The projects and strategies proposed during the State of the City Address are all being discussed as ways to avoid asking for a tax increase to deal with the nearly $100 million budget gap.

"We've gone through some rough times, it's what I call a perfect storm, but I'm pleased to report that our government is recovering and getting stronger every day," said Mayor A C Wharton. "We have satisfied all the prerequisites from the comptroller's office and I'm proud to report that by the end of this fiscal year, our reserves will be right at the level they should be."

Quality of life issues

Wharton started out his speech by saying, "quality of life does matter."

"There's always a need for us to think of the future, but we have to guard against becoming so tomorrow-minded, that we are no good for the immediacy of today," he said. "The person who is having a rough time today getting to work, has little time to think about what might happen 10, 15, and 20 years from today. The immediacy of today has to be given great weight also."

Before listing a few projects that have been completed to help Memphis residents be more comfortable in their communities, Wharton said, "Quality of life issues are the ones that are burning in the hearts and minds of our citizens every day."

Wharton talked about the replacement and upgrades made to the Watkins Bridge, providing a wider sidewalk to make pedestrians more comfortable. He also mentioned the completion of the "safe routes to school" project on Dellwood Avenue, which will make it safer for students crossing the street at Frayser Elementary, Middle, and High Schools. Sidewalks and crosswalks around Rozelle Elementary School will get upgrades. And finally, a sidewalk will be built near Alcy, Dunbar, and Hanley Elementary Schools, thanks to a grant awarded to the city.

"We have been installing on average 1,000 curb ramps each year to make it easier for our wheelchair-bound citizens to get around the city while also making Memphis safer, and more pedestrian and cyclist friendly."

Redevelopment and restoration

Mayor Wharton said that since 2010, Broad Avenue has gained more than 19 new businesses and more than 30 properties have been renovated, making it one of the most viable areas in the city.

"Keep in mind, just a few years ago, that area was written off as dead, it was just gone," said Wharton. "Through our neighborhood economic vitality project, we have shown how moderate investments, applied in very focused ways can generate huge returns on investment."

He continued, "The MEMFix and the MEMShop programs, which are funded by the Bloomberg philanthropies, have allowed us to support entrepreneurs and dramatically increase commercial vacancy rates in the corridors where they are deployed."

The city will soon unveil a complete plan for redevelopment of Southbrook Mall in Whitehaven.
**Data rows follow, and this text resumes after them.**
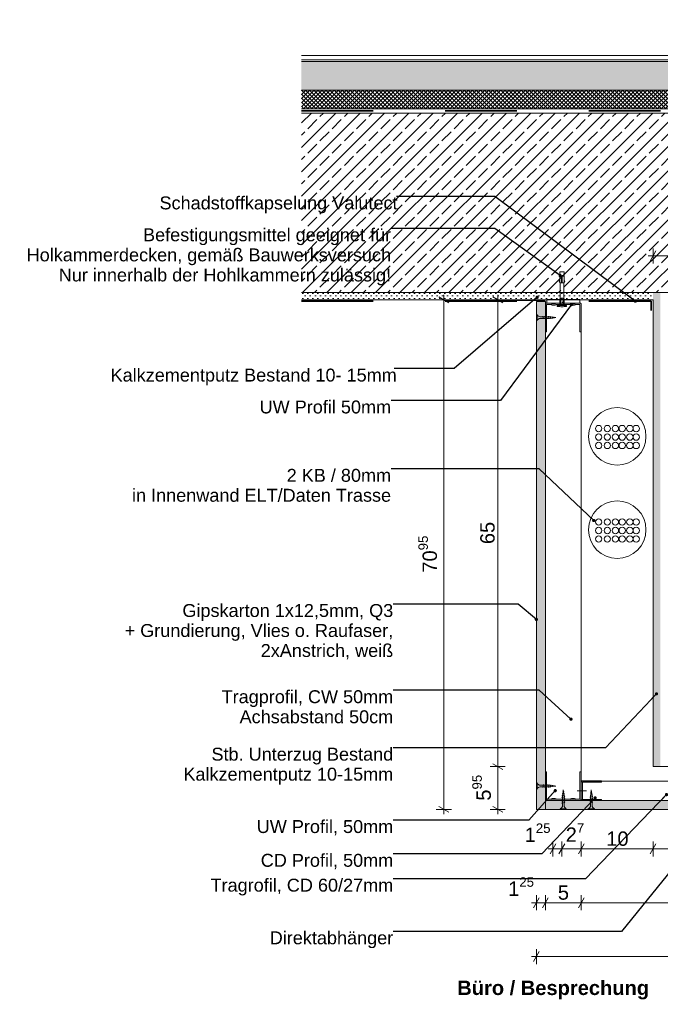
# Model space of a CAD drawing. Header units: metres. Extents: x -0.7 to 35.5, y 5.7 to 9.1.
# Tile 3 of 47: x 1.8 to 2.7, y 5.8 to 7.1. Entities that reach past the tile are written whole.
import ezdxf

# ---------------------------------------------------------------- set-up
doc = ezdxf.new("R2010")
doc.units = ezdxf.units.M
doc.header["$MEASUREMENT"] = 0
for name, pattern in [('Strichlinie eng', [0.023, 0.015, -0.008]), ('VERDECKT', [0.005625, 0.00375, -0.001875]), ('Wipeout_Contour', [1, 0, -1])]:
    doc.linetypes.add(name, pattern=pattern)
for name, color, linetype in [('152 - Bemaßung_ Beschriftung.Ausbau', 7, 'Continuous'), ('301 - Elemente.Linie', 7, 'Continuous'), ('603 - Struktur.Bodenplatte_ Decke Roh', 7, 'Continuous'), ('608 - Struktur.Träger', 7, 'Continuous'), ('650 - Abdeckung.Fußboden Aufbau', 7, 'Continuous'), ('653 - Abdeckung.TB Verkofferung', 7, 'Continuous'), ('Neubau_152 - Bemaßung_ Beschriftung.Ausbau', 7, 'Continuous'), ('Neubau_653 - Abdeckung.TB Verkofferung', 7, 'Continuous'), ('Neubau_660 - Unterkonstruktion.Trockenbau', 7, 'Continuous')]:
    doc.layers.add(name, color=color, linetype=linetype)
doc.styles.add('ERSTELLTER_STIL_1', font='txt')
doc.styles.add('ERSTELLTER_STIL_2', font='txt')
doc.dimstyles.new('ERSTELLTER_STIL__1', dxfattribs={"dimtxt": 0.02, "dimasz": 0.01064, "dimexe": 0.18, "dimexo": 0.0625, "dimgap": 0, "dimtad": 1, "dimtih": 1, "dimtoh": 1, "dimzin": 0, "dimdsep": 46, "dimtxsty": 'ERSTELLTER_STIL_1', "dimblk": 'ARROWHEAD_2', "dimblk1": 'ARROWHEAD_2', "dimblk2": 'ARROWHEAD_2', "dimcen": 0.09, "dimse1": 1, "dimse2": 1, "dimclrd": 7, "dimclre": 7, "dimclrt": 7, "dimazin": 0, "dimtfac": 1, "dimtdec": 4, "dimtmove": 0, "dimatfit": 3, "dimfxl": 1, "dimtolj": 1, "dimtzin": 0, "dimarcsym": 0})
doc.dimstyles.new('ERSTELLTER_STIL__2', dxfattribs={"dimtxt": 0.02, "dimasz": 0.01064, "dimexe": 0.18, "dimexo": 0.0625, "dimgap": 0, "dimtad": 1, "dimzin": 0, "dimdsep": 46, "dimtxsty": 'ERSTELLTER_STIL_1', "dimblk": 'ARROWHEAD_2', "dimblk1": 'ARROWHEAD_2', "dimblk2": 'ARROWHEAD_2', "dimcen": 0.09, "dimse1": 1, "dimse2": 1, "dimclrd": 7, "dimclre": 7, "dimclrt": 7, "dimazin": 0, "dimtfac": 1, "dimtdec": 4, "dimtmove": 0, "dimatfit": 3, "dimfxl": 1, "dimtolj": 1, "dimtzin": 0, "dimarcsym": 0})
doc.dimstyles.new('ERSTELLTER_STIL__3', dxfattribs={"dimtxt": 0.18, "dimasz": 0.00912, "dimexe": 0.18, "dimexo": 0.0625, "dimgap": 0, "dimtad": 0, "dimtih": 1, "dimtoh": 1, "dimdec": 4, "dimzin": 0, "dimdsep": 46, "dimcen": 0.09, "dimadec": 0, "dimazin": 0, "dimtfac": 1, "dimtdec": 4, "dimtmove": 0, "dimatfit": 3, "dimldrblk": 'ARROWHEAD_11', "dimfxl": 1, "dimtolj": 1, "dimtzin": 0, "dimarcsym": 0})
doc.dimstyles.new('ERSTELLTER_STIL__4', dxfattribs={"dimtxt": 0.02, "dimasz": 0.01064, "dimexe": 0.18, "dimexo": 0.0625, "dimgap": 0, "dimtad": 1, "dimtih": 1, "dimtoh": 1, "dimzin": 0, "dimdsep": 46, "dimtxsty": 'ERSTELLTER_STIL_1', "dimblk": 'ARROWHEAD_2', "dimblk1": 'ARROWHEAD_2', "dimblk2": 'ARROWHEAD_2', "dimcen": 0.09, "dimse1": 1, "dimse2": 1, "dimclrd": 7, "dimclre": 7, "dimclrt": 7, "dimazin": 0, "dimtfac": 1, "dimtdec": 4, "dimtmove": 2, "dimatfit": 3, "dimfxl": 1, "dimtolj": 1, "dimtzin": 0, "dimarcsym": 0})
pattern_1 = [(45, (-2.485083, 0.4), (-0.003535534, 0.003535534), [0, -0.005])]

# ---------------------------------------------------------------- blocks, each defined once
blk = doc.blocks.new('*D17', base_point=(-2.4851, 0.4))
at = {"layer": '152 - Bemaßung_ Beschriftung.Ausbau', "color": 7, "linetype": 'Continuous', "lineweight": 5}
for p, q in [((2.5356, 5.8405), (2.5424, 5.8405)), ((2.5464, 5.8475), (2.5384, 5.8335)), ((2.5424, 5.83), (2.5424, 5.851)), ((2.5424, 5.8405), (3.3249, 5.8405)), ((3.3209, 5.8335), (3.329, 5.8475)), ((3.3249, 5.83), (3.3249, 5.851)), ((3.3249, 5.8405), (3.3318, 5.8405))]:
    blk.add_line(p, q, dxfattribs=at)
at = {"layer": '152 - Bemaßung_ Beschriftung.Ausbau', "color": 7, "lineweight": 5, "insert": (2.9085, 5.8442), "char_height": 0.02, "attachment_point": 7, "style": 'ERSTELLTER_STIL_1'}
blk.add_mtext('\\A1;{\\pql;\\fArial|b0|i0|c0|p38;78\\fArial|b0|i0|c0|p38;\\A1{\\H.66x;\\S25^  ;}}', dxfattribs=at)
blk = doc.blocks.new('ARROWHEAD_2')
at = {"color": 0, "linetype": 'Continuous', "lineweight": 0}
for p, q in [((0, 0), (-1, 0)), ((-0.38, -0.66), (0.38, 0.66))]:
    blk.add_line(p, q, dxfattribs=at)
blk = doc.blocks.new('*D18', base_point=(-2.4851, 0.4))
at = {"layer": '152 - Bemaßung_ Beschriftung.Ausbau', "color": 7, "linetype": 'Continuous', "lineweight": 5}
for p, q in [((2.5464, 5.9225), (2.5384, 5.9085)), ((2.5424, 5.905), (2.5424, 5.926)), ((2.5589, 5.9225), (2.5509, 5.9085)), ((2.5549, 5.905), (2.5549, 5.926)), ((2.5356, 5.9155), (2.5424, 5.9155)), ((2.5424, 5.9155), (2.5549, 5.9155)), ((2.5549, 5.9155), (2.6049, 5.9155))]:
    blk.add_line(p, q, dxfattribs=at)
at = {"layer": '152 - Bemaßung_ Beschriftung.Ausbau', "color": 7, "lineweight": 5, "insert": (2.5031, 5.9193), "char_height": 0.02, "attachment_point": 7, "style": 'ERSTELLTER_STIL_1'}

It will also soon break ground on the Raleigh Springs Mall project.

"In addition to these improvements in places across the city, we cannot ignore projects in downtown and midtown, two of our most visited neighborhoods and how these projects will resonate for years to come," said Wharton before mentioning the economic development projects underway in the downtown area like the Pyramid, the Main Street to Main Street project, Beale Street's new management, and Beale Street Landing, which is slated to open this year.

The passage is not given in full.